The next question presented is whether or not the defendant set up a defense as to the overdrafts. He alleges the amount on deposit prior to the time the bank was taken over by the commissioner, and says he does not know the amount of the checks which he drew against that deposit, but says that, if all of them had been paid out of his deposit, he would still have a balance left. He further alleges that the bank has refused to render him a statement, and he has no means of ascertaining the exact status of his account. We think these allegations set up a sufficient state of facts to entitle the defendant to a trial, and the court erred in striking out that part of the answer.

The next question presented is whether the defendant, having acquired by assignment after the bank's insolvency the claims of two depositors, can now set them *698 up as against his indebtedness to the bank.

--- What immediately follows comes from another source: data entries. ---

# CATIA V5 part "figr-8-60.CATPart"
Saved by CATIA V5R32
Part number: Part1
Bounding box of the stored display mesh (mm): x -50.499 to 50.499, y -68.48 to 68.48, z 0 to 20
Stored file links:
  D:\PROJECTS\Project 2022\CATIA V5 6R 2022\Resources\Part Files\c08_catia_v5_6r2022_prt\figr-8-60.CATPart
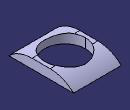
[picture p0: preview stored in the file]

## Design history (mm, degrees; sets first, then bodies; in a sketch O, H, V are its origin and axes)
Body1 (main body)
  Sketch1 on xy-plane, origin (0, 0, 0), H (1, 0, 0), V (0, 1, 0)
    line L1 (-50.499, 68.4797) -> (50.499, 68.4797)
    line L2 (50.499, 68.4797) -> (50.499, -68.4797)
    line L3 (50.499, -68.4797) -> (-50.499, -68.4797)
    line L4 (-50.499, -68.4797) -> (-50.499, 68.4797)
    axis line L5 (50.499, -68.4797) -> (-50.499, 68.4797)
    horizontal: L1 H, L3 H
    vertical: L2 V, L4 V
    midpoint: O L5
  Pad1: profile Sketch1, direction (0, 0, 1), length 20
  Fillet1: radius 71, on edge [face of Pad1 | face of Pad1]
  Fillet2: radius 71, on edge [face of Pad1 | face of Pad1]
  Body2
    Sketch2 on xy-plane, origin (0, 0, 0), H (1, 0, 0), V (0, 1, 0)
      circle A1 centre (0, 0) radius 43.2524
      point P1 (0, 43.2524)
      coincidence: A1 P1, P1 V
    Pocket1: profile Sketch2, direction (0, 0, -1), length 50, mirrored extent
  Assemble1: tool Body2
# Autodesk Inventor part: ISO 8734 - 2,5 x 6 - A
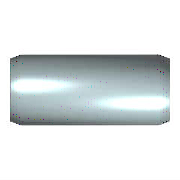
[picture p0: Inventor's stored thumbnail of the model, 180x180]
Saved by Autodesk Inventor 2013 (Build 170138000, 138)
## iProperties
Created: 2012-02
Part Number: ISO 8734 - 2,5 x 6 - A
Material: Stahl
Description: Zylinderstift
Document SubType Name: Modeling
Standard: ISO 8734
Designer: rYan
Standards Organization: DIN
Language: de-DE
Size Designation: 2,5 x 6 - A
Categories: <MemberInstance><Categories><Category DisplayName="Verbindungselemente" InternalName="e4da775c-781d-43d5-af7c-5136215cf5a6" Mnemonic="FSTN"><Category DisplayNam
Density: 7.85 g/cm^3
IsCustomPart: 0
Author: rYan
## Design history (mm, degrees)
sketch "Skizze"
  geometry: C1 r 1.25 at (0, 0); 1 further point
  constraints: 1 centre point, 1 coincident
  dimensions: "d1" = 2.5 diameter of C1 (= NND)
extrude "Körper" new body sketch "Skizze" distance "d2" = 6 (= NLG); taper "d3" = 0 deg
body "Solid1"
chamfer "Fase1" distance "d4" = 0.4 (= PHH); stored, may be unused: angle "d5" = 15 deg (= FAWI), second distance "d11" = 0.4 (= PHH)
chamfer "Fase2" distance "d8" = 0.4 (= PHH); stored, may be unused: angle "d9" = 15 deg (= FAWI), second distance "d12" = 0.4 (= PHH)
other parameters: "NND" = 2.5 [user parameter; used in 1 equation term], "NLG" = 6 [user parameter; used in 1 equation term], "PHH" = 0.4 [user parameter; used in 5 equation terms], "FAWI" = 15 deg [user parameter; used in 2 equation terms], "d13" = 0, "d15" = 0, "d16" = 0, "PHH2" = 0.4 (= PHH) [user parameter], "FAWI2" = 15 deg [user parameter]

It is true that, when a bank becomes insolvent and is taken over by the Bank Commissioner, any one being sued can offset against an indebtedness which he owes the bank any other indebtedness which the bank owes him. 5 Cyc. 570, and Briscoe v. Hamer etal., 50 Okla. 281, 150 P. 1101. But, when the insolvency is declared and the Bank Commissioner takes charge of a bank and its assets, the status of all parties is at that time fixed, and any person who owes the bank cannot by assignment secure claims of other persons and offset them against his indebtedness. This proposition seems to be well established by the authorities, and we think it is sound. 5 Cyc., and list of cases there cited.

The last question presented is whether the answer asked for affirmative relief beyond the jurisdiction of the county court, and, if so, whether or not it should have been stricken, or whether, if its allegations had been established by the proof, it would have served only to defeat the action of the plaintiff. We have carefully read the answer and the respective briefs, and do not think that the answer asked for relief beyond the jurisdiction of the court.

Having arrived at the above conclusions, we recommend that the judgment of the lower court be reversed, and the cause remanded for further proceedings in accord with this opinion.